Have any of you seen the test where they tickled rats at the end of a maze? Those rats that were tickled when they completed the maze would finish the maze much quicker on future repetitions than rats who were not tickled. That would lead one to believe that the rats found the tickling to be reinforcing, yet the tickling had not been previously paired with anything so wouldn't that make it a primary reinforcer?


----------



## GoldenSail (Dec 30, 2008)

Yes, what is classified as primary or secondary is very confusing. All of the studies I found where the primary strengthened the secondary involved food as the primary and the secondary was a conditioned secondary--something that apparently had no value before the association.
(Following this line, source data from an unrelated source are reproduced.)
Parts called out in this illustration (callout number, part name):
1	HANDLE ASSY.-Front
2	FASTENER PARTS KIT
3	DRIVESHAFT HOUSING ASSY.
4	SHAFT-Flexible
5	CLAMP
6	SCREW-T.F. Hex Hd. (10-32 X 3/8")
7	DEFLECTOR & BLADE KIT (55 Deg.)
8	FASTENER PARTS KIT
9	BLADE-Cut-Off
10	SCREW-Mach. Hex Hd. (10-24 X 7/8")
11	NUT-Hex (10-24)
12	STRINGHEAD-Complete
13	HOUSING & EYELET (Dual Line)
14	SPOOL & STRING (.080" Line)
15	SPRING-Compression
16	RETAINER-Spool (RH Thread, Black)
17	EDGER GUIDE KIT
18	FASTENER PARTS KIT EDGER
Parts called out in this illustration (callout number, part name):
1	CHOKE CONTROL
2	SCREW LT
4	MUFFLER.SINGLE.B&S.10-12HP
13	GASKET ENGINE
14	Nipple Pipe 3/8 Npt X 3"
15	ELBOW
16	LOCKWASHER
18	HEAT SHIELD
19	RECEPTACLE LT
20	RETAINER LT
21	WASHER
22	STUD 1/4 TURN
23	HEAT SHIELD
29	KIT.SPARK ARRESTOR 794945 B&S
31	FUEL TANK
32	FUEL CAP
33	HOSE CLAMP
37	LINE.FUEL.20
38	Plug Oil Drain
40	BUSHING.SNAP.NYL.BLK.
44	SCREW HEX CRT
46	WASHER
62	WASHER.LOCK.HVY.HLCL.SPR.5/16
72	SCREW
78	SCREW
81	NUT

Funny you mention the rats--I was just thinking about that! It would be a good way to make up a study of what I am looking for. Use tickling as a secondary, have a group that is only ticked, and one that is tickled and given food simultaneously, and one that is given food and tickling but not at the same time. Then over time observe the behavior of the rats and reliability. Do rats that previously got food with their tickling respond differently when the food is put on a variable schedule? Will they work as long when food is removed and only get tickled?


----------



## tanianault (Dec 11, 2010)

According to the clickertraining glossary on the Karen Pryor website: Clicker Training Terms | Karen Pryor Clickertraining

"Primary reinforcer: A reinforcer that the animal is born needing. Food, water, and sex are primary reinforcers." 
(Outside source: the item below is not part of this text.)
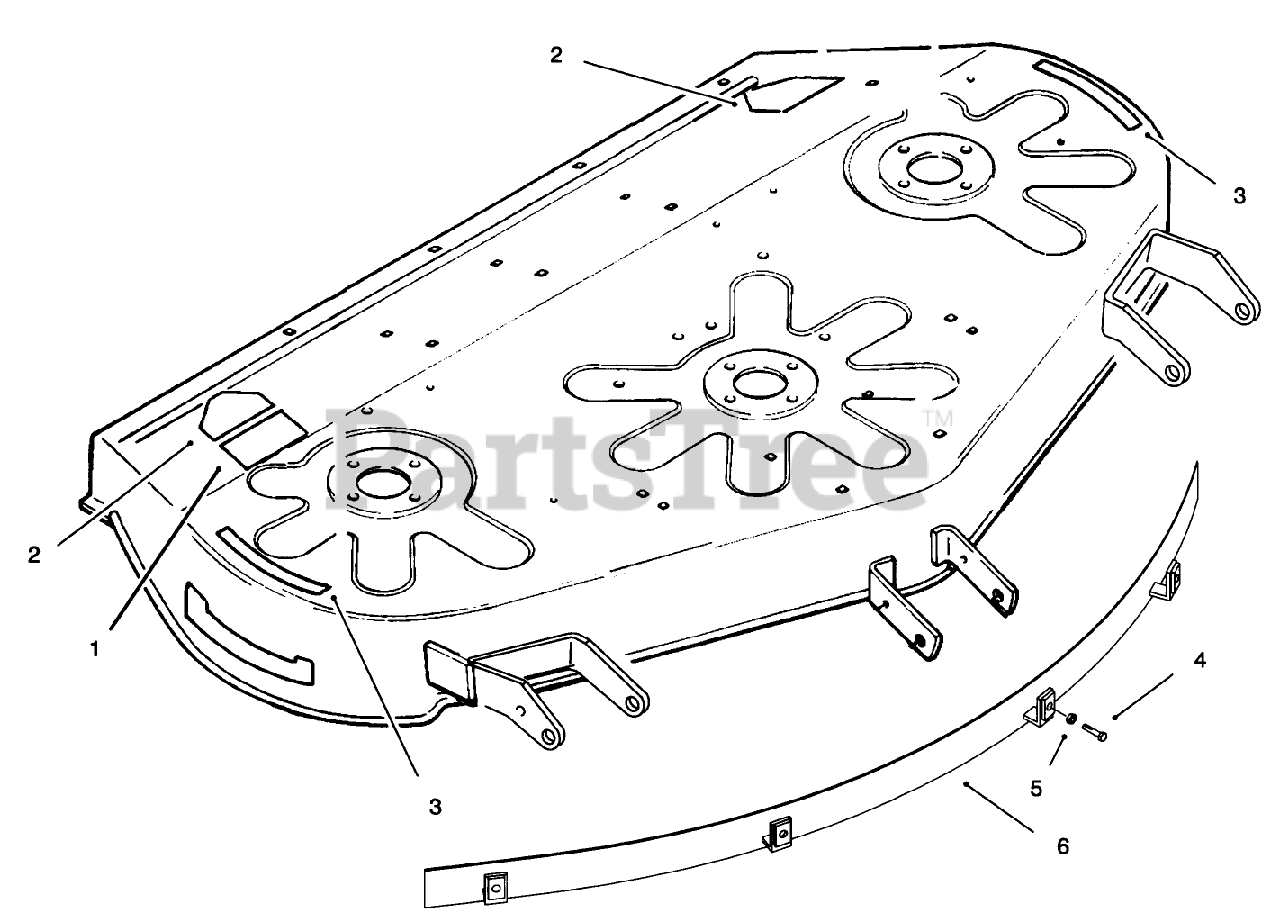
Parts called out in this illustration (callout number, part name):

"Secondary reinforcer: A conditioned reinforcer. A reinforcer the animal is not born needing. Secondary reinforcers may be as, or even more, powerful than a primary reinforcer." 
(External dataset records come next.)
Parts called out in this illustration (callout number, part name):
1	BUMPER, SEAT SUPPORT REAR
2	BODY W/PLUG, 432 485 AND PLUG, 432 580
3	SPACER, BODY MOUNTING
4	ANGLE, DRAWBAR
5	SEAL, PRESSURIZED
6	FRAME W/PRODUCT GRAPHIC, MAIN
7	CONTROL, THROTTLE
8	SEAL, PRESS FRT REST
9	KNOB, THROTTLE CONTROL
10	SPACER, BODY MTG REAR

"Conditioned reinforcer: A neutral stimulus paired with a primary reinforcer until the neutral stimulus takes on the reinforcing properties of the primary. A clicker, after being repeatedly associated with a food treat or other reinforcer, becomes a conditioned reinforcer."

My guess as to why praise and play are considered secondary reinforcers is because they are not technically something the animal requires to survive, at least not in the same way as food and water are required to survive. (Although, I do seem to remember a number of studies with monkeys that demonstrated that play is required for the animals to thrive.)

- Tania


----------



## GoldenSail (Dec 30, 2008)

tanianault said:


> According to the clickertraining glossary on the Karen Pryor website: Clicker Training Terms | Karen Pryor Clickertraining
> 
> "Primary reinforcer: A reinforcer that the animal is born needing. Food, water, and sex are primary reinforcers."
> 
> ...


Yes--but who made her the authority?  That is generally how I have seen things, but the scientific papers I have been reading seem to equate a conditioned reinforcer as a secondary reinforcer, but I see distinct differences between them.


----------



## Loisiana (Jul 29, 2009)

I have another question.....why is sex so often listed as something necessary for survival? It obviously isn't necessary for the survival of the individual (although some males might disagree ). Or is it referring to the survival of the species as a whole? It doesn't make sense to me....if you define a primary reinforcer as something needed for survival and give sex as an example of a primary reinforcer, how does that fit together when an individual can live their entire lives without it? But if you define primary reinforcer as something that is instinctually enjoyed without having to be taught then it makes sense to me.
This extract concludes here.